I did my first mtb ride for a year, last week, on the South Downs. Up and down, up and down on dry chalk paths and grass. You're dead right, I'd forgotten how tough it was.

I thought I'd go again today but it's raining and the chalk is lethal when it's just wet.


----------



## GilesM (11 Oct 2011)

The bike looks good and the spec looks good, the people I've met who have Trek's always seem to be happy with them. You have discovered that one difference between on and off road cycling is the difference in effort required for each mile, and also how much fun mtbing is, but there is one problem, bike bits wear out much quicker off road, however this does mean you can justify buying stuff as you get into it more. Have Fun.


----------



## kevin_cambs_uk (16 Oct 2011)

I have just ordered a 6500, my first MTB, the one I got for 15 quid at the second hand police auction, with no front derreluer, and a chain that slips more than a dick on ice, does not count !

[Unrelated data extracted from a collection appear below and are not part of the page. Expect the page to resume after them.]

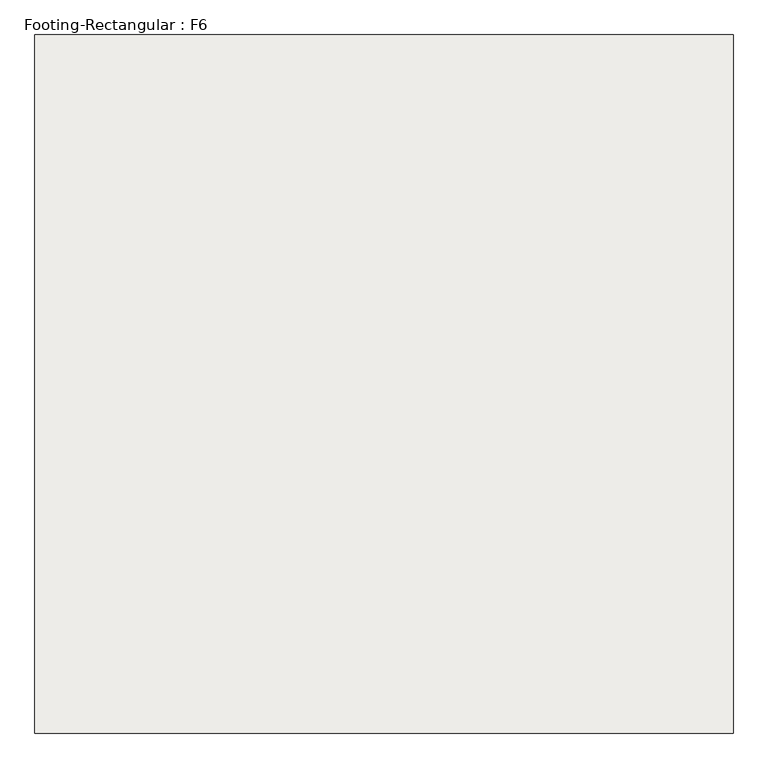
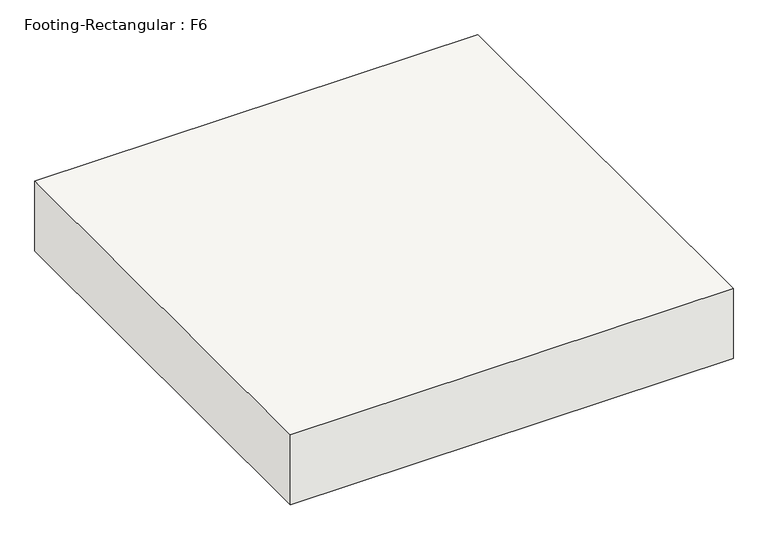
"""IFC4 building model written with IfcOpenShell, lengths in millimetres: slab geometry, Footing-Rectangular : F6."""

from ifc_helpers import new_model, si_unit, frame, origin, place, context, project, spatial, polyline, outline, extrude, source, transform, mapped, element, save


def footing_rectangular_f6_e8c3e57f(model_context):
    return source(origin(), model_context, "Body", "SweptSolid", [
        extrude(outline(polyline([(914.4, 914.4), (914.4, -914.4), (-914.4, -914.4), (-914.4, 914.4), (914.4, 914.4)])), frame((0.0, 0.0, -304.8), z_axis=(0.0, 0.0, 1.0), x_axis=(1.0, 0.0, 0.0)), (0.0, 0.0, 1.0), 304.8),
    ])


if __name__ == "__main__":
    model = new_model("IFC4")
    model_context = context("Model", 3, world=origin())
    ifc_project = project(units=[si_unit("LENGTHUNIT", "METRE", prefix="MILLI")], contexts=[model_context])
    site = spatial("IfcSite", under=ifc_project)
    building = spatial("IfcBuilding", under=site)
    placement = place(None, origin())
    footing_rectangular_f6_shape = footing_rectangular_f6_e8c3e57f(model_context)
    element("IfcSlab", 1, ObjectType="Footing-Rectangular : F6", at=placement, inside=building, context=model_context, shape_type="MappedRepresentation", body=[
        mapped(footing_rectangular_f6_shape, transform((0.0, 0.0, 0.0), x_axis=(1.0, 0.0, 0.0), y_axis=(0.0, 1.0, 0.0), z_axis=(0.0, 0.0, 1.0))),
    ])
    save(model, "model.ifc")

# Revit data of these elements
# Type "Footing-Rectangular : F6"
#   Assembly Code = "A1010100"
#   Width = 6' - 0"
#   Length = 6' - 0"
#   Foundation Thickness = 1' - 0"
#   Structural Material [instance default] = Concrete, Cast-in-Place gray
# Element 1 (IfcSlab, "Footing-Rectangular : F6")
#   Materials on its faces: "Concrete, Cast-in-Place gray"
# Materials
#   "Concrete, Cast-in-Place gray": class "Concrete", colour RGB 192 192 192, transparency 0, Description = "Cast-in-place concrete", Cost = 0
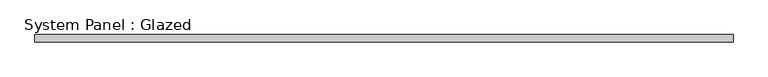
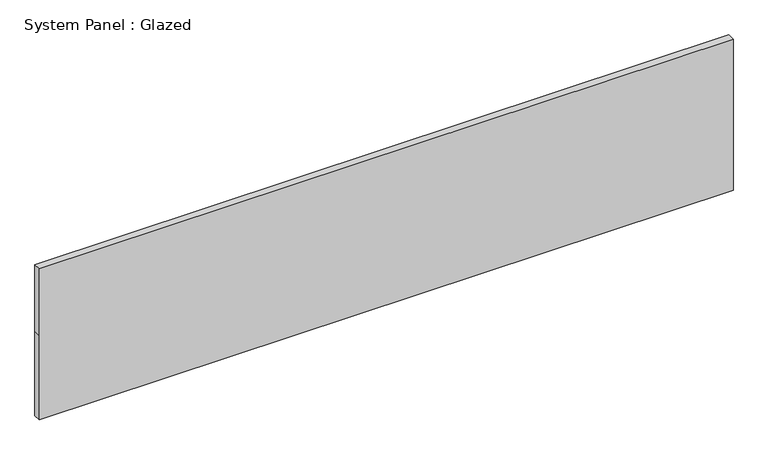
"""IFC4 building model written with IfcOpenShell, lengths in millimetres: plate geometry, System Panel : Glazed."""

import ifcopenshell
import ifcopenshell.guid

model = None  # the IFC model being written
_history = None  # IfcOwnerHistory: only IFC2X3 demands one
_inside = {}  # id of a spatial element -> (the spatial element, [elements in it])
_under = {}  # id of a project, library or spatial element -> (it, [spatial elements below it])
_declared = {}  # id of a project -> (the project, [libraries it declares])
_typed = {}  # id of a type object -> (the type object, [elements of that type])
_made_of = {}  # id of a material, layer set ... -> (it, [elements and type objects made of it])


def new_model(schema):
    """Start an empty IFC model of exactly this schema.

    Asked for "IFC4X3", IfcOpenShell would pick the latest addendum, in which some entities
    have other attributes; the version numbers below select the first issue.
    IFC2X3 requires an IfcOwnerHistory on every rooted entity: one is made here for all.
    """
    global model, _history
    if schema == "IFC4X3":
        model = ifcopenshell.file(schema_version=(4, 3, 0, 0))
    else:
        model = ifcopenshell.file(schema=schema)
    _inside.clear()
    _under.clear()
    _declared.clear()
    _typed.clear()
    _made_of.clear()
    _history = None
    if model.schema == "IFC2X3":
        org = make("IfcOrganization", Name="unknown")
        user = make(
            "IfcPersonAndOrganization",
            ThePerson=make("IfcPerson", FamilyName="unknown"),
            TheOrganization=org,
        )
        app = make(
            "IfcApplication",
            ApplicationDeveloper=org,
            Version="unknown",
            ApplicationFullName="unknown",
            ApplicationIdentifier="unknown",
        )
        _history = make(
            "IfcOwnerHistory",
            OwningUser=user,
            OwningApplication=app,
            ChangeAction="ADDED",
            CreationDate=0,
        )
    return model


def make(cls, **values):
    """One entity of the class cls with the attributes given. An attribute that is None is left unset."""
    return model.create_entity(
        cls, **{name: value for name, value in values.items() if value is not None}
    )


def rooted(cls, **values):
    """An entity with a GlobalId (a new one), such as an element, a storey or a relation."""
    return make(cls, GlobalId=ifcopenshell.guid.new(), OwnerHistory=_history, **values)


def si_unit(unit_type, name, prefix=None):
    """IfcSIUnit, for example si_unit("LENGTHUNIT", "METRE", prefix="MILLI")."""
    return make("IfcSIUnit", UnitType=unit_type, Prefix=prefix, Name=name)


def assignment(units):
    """IfcUnitAssignment: the units of a project."""
    return None if units is None else make("IfcUnitAssignment", Units=units)


def point(xyz):
    """IfcCartesianPoint."""
    return None if xyz is None else make("IfcCartesianPoint", Coordinates=xyz)


def direction(xyz):
    """IfcDirection."""
    return None if xyz is None else make("IfcDirection", DirectionRatios=xyz)


def frame(location, z_axis=None, x_axis=None):
    """IfcAxis2Placement3D, a coordinate frame: its origin and axes. An axis left out is left unset."""
    return make(
        "IfcAxis2Placement3D",
        Location=point(location),
        Axis=direction(z_axis),
        RefDirection=direction(x_axis),
    )


def origin():
    """The frame at (0, 0, 0) with its axes left unset."""
    return frame((0.0, 0.0, 0.0))


def place(relative_to, where):
    """IfcLocalPlacement: puts the frame where relative to a parent placement (None: the world)."""
    return make(
        "IfcLocalPlacement", PlacementRelTo=relative_to, RelativePlacement=where
    )


def context(
    kind, dimensions, precision=None, world=None, true_north=None, identifier=None
):
    """IfcGeometricRepresentationContext, for example the 3D "Model" context."""
    return make(
        "IfcGeometricRepresentationContext",
        ContextIdentifier=identifier,
        ContextType=kind,
        CoordinateSpaceDimension=dimensions,
        Precision=precision,
        WorldCoordinateSystem=world,
        TrueNorth=true_north,
    )


def project(units=None, contexts=None):
    """IfcProject with its units and contexts."""
    return rooted(
        "IfcProject",
        Name="project",
        RepresentationContexts=contexts,
        UnitsInContext=assignment(units),
    )


def spatial(cls, under=None, at=None, **own):
    """A site, building, storey or space (cls), placed at a placement, below another one or the project."""
    s = rooted(cls, ObjectPlacement=at, **own)
    if under is not None:
        _under.setdefault(under.id(), (under, []))[1].append(s)
    return s


def polyline(points):
    """IfcPolyline through the points."""
    return make("IfcPolyline", Points=[point(p) for p in points])


def outline(outer, holes=None, kind="AREA"):
    """IfcArbitraryClosedProfileDef: a profile drawn as a closed curve; with holes, ...WithVoids."""
    if holes is None:
        return make("IfcArbitraryClosedProfileDef", ProfileType=kind, OuterCurve=outer)
    return make(
        "IfcArbitraryProfileDefWithVoids",
        ProfileType=kind,
        OuterCurve=outer,
        InnerCurves=holes,
    )


def extrude(swept, where, along, depth):
    """IfcExtrudedAreaSolid: the profile swept, set in the frame where, extruded along a direction by depth."""
    return make(
        "IfcExtrudedAreaSolid",
        SweptArea=swept,
        Position=where,
        ExtrudedDirection=direction(along),
        Depth=depth,
    )


def shape(context_of_items, identifier, shape_type, items):
    """IfcShapeRepresentation: the items that make up one representation, for example the "Body"."""
    return make(
        "IfcShapeRepresentation",
        ContextOfItems=context_of_items,
        RepresentationIdentifier=identifier,
        RepresentationType=shape_type,
        Items=items,
    )


def source(mapping_origin, context_of_items, identifier, shape_type, items):
    """IfcRepresentationMap: a shape defined once, which mapped items show again and again."""
    return make(
        "IfcRepresentationMap",
        MappingOrigin=mapping_origin,
        MappedRepresentation=shape(context_of_items, identifier, shape_type, items),
    )


def transform(
    local_origin,
    x_axis=None,
    y_axis=None,
    z_axis=None,
    scale=None,
    scale2=None,
    scale3=None,
    uniform=True,
):
    """IfcCartesianTransformationOperator3D, or its non-uniform kind. x_axis, y_axis, z_axis: its Axis1, 2, 3."""
    if uniform:
        return make(
            "IfcCartesianTransformationOperator3D",
            Axis1=direction(x_axis),
            Axis2=direction(y_axis),
            LocalOrigin=point(local_origin),
            Scale=scale,
            Axis3=direction(z_axis),
        )
    return make(
        "IfcCartesianTransformationOperator3DnonUniform",
        Axis1=direction(x_axis),
        Axis2=direction(y_axis),
        LocalOrigin=point(local_origin),
        Scale=scale,
        Axis3=direction(z_axis),
        Scale2=scale2,
        Scale3=scale3,
    )


def mapped(mapping_source, mapping_target):
    """IfcMappedItem: shows the shape of a source again, moved by a transform."""
    return make(
        "IfcMappedItem", MappingSource=mapping_source, MappingTarget=mapping_target
    )


def made_of(thing, what):
    """Note that an element or type object is made of a material, layer set ...; save() writes the relation."""
    if what is not None:
        _made_of.setdefault(what.id(), (what, []))[1].append(thing)
    return thing


def element(
    cls,
    number,
    at=None,
    inside=None,
    cuts=None,
    type_object=None,
    material=None,
    context=None,
    identifier="Body",
    shape_type=None,
    held_by="IfcProductDefinitionShape",
    body=None,
    shapes=None,
    **own,
):
    """One element of the class cls, such as IfcWall. Its Tag is "e" and its number.

    at: its placement. inside: the storey or other place that contains it. cuts: it is an
    opening in that element (IfcRelVoidsElement). A single representation is given by context,
    identifier, shape_type and body (its items); several are given by shapes. held_by: the class
    of the entity that holds the representations. save() writes the other relations.
    """
    e = rooted(cls, Tag="e%d" % number, ObjectPlacement=at, **own)
    if body is not None:
        shapes = [shape(context, identifier, shape_type, body)]
    if shapes is not None:
        e.Representation = make(held_by, Representations=shapes)
    if inside is not None:
        _inside.setdefault(inside.id(), (inside, []))[1].append(e)
    if cuts is not None:
        rooted(
            "IfcRelVoidsElement", RelatingBuildingElement=cuts, RelatedOpeningElement=e
        )
    if type_object is not None:
        _typed.setdefault(type_object.id(), (type_object, []))[1].append(e)
    return made_of(e, material)


def aggregate(whole, parts):
    """IfcRelAggregates: a whole, such as a stair, and the parts it consists of."""
    return rooted("IfcRelAggregates", RelatingObject=whole, RelatedObjects=parts)


def save(model, path):
    """Write the relations noted so far, then the file.

    IfcRelAggregates (storeys below a building ...), IfcRelContainedInSpatialStructure (elements
    in a storey), IfcRelDefinesByType, IfcRelAssociatesMaterial and IfcRelDeclares: one each for
    every whole, place, type object, material and project.
    """
    for whole, parts in _under.values():
        aggregate(whole, parts)
    for where, things in _inside.values():
        rooted(
            "IfcRelContainedInSpatialStructure",
            RelatedElements=things,
            RelatingStructure=where,
        )
    for kind, things in _typed.values():
        rooted("IfcRelDefinesByType", RelatedObjects=things, RelatingType=kind)
    for what, things in _made_of.values():
        rooted("IfcRelAssociatesMaterial", RelatedObjects=things, RelatingMaterial=what)
    for by, libraries in _declared.values():
        rooted("IfcRelDeclares", RelatingContext=by, RelatedDefinitions=libraries)
    model.write(path)


def system_panel_glazed_75890ef7(model_context):
    return source(origin(), model_context, "Body", "SweptSolid", [
        extrude(outline(polyline([(0.0, -1187.45), (0.0, 1187.45), (304.8, 1187.45), (546.1, 1187.45), (546.1, -1187.45), (304.8, -1187.45), (0.0, -1187.45)])), frame((0.0, -44.45, 0.0), z_axis=(0.0, 1.0, 0.0), x_axis=(0.0, 0.0, 1.0)), (0.0, 0.0, 1.0), 25.4),
    ])


if __name__ == "__main__":
    model = new_model("IFC4")
    model_context = context("Model", 3, world=origin())
    ifc_project = project(units=[si_unit("LENGTHUNIT", "METRE", prefix="MILLI")], contexts=[model_context])
    site = spatial("IfcSite", under=ifc_project)
    building = spatial("IfcBuilding", under=site)
    placement = place(None, origin())
    system_panel_glazed_shape = system_panel_glazed_75890ef7(model_context)
    element("IfcPlate", 1, ObjectType="System Panel : Glazed", at=placement, inside=building, context=model_context, shape_type="MappedRepresentation", body=[
        mapped(system_panel_glazed_shape, transform((0.0, 0.0, 0.0), x_axis=(1.0, 0.0, 0.0), y_axis=(0.0, 1.0, 0.0), z_axis=(0.0, 0.0, 1.0))),
    ])
    save(model, "model.ifc")

# Revit data of these elements
# Element 1 (IfcPlate, "System Panel : Glazed")
#   Materials on its faces: "Glass"
# Materials
#   "Glass": class "Glass", colour RGB 0 128 192, transparency 0.75

I should notice a distinct improvement in the ride quality !!!!


----------



## cjb (16 Oct 2011)

CopperCyclist said:


> £1000 gone on a Trek 6500. I know it's a huge amount to spend



Good choice - you only get what you pay for in this world. I've had issues on this forum before about this, but cheap purchases are often the most expensive in the long run.


----------



## kevin_cambs_uk (16 Oct 2011)

cjb said:


> Good choice - you only get what you pay for in this world. I've had issues on this forum before about this, but cheap purchases are often the most expensive in the long run.



+1


----------



## Monsieur Remings (29 Oct 2011)

Okay, what do you all think of this....

http://www.google.co.uk/url?sa=t&rc...182oCw&usg=AFQjCNFeAaHpVm55KwtvQmAAMs34KWaA-Q

Being a road cyclist, I also want to get an mtb and this is probably my budget max...


----------



## Cubist (29 Oct 2011)

Monsieur Remings said:


> Okay, what do you all think of this....
> 
> http://www.google.co...vQmAAMs34KWaA-Q
> 
> Being a road cyclist, I also want to get an mtb and this is probably my budget max...



It's OK, with a Spec remarkably similar to this year's Spesh Rockhopper. 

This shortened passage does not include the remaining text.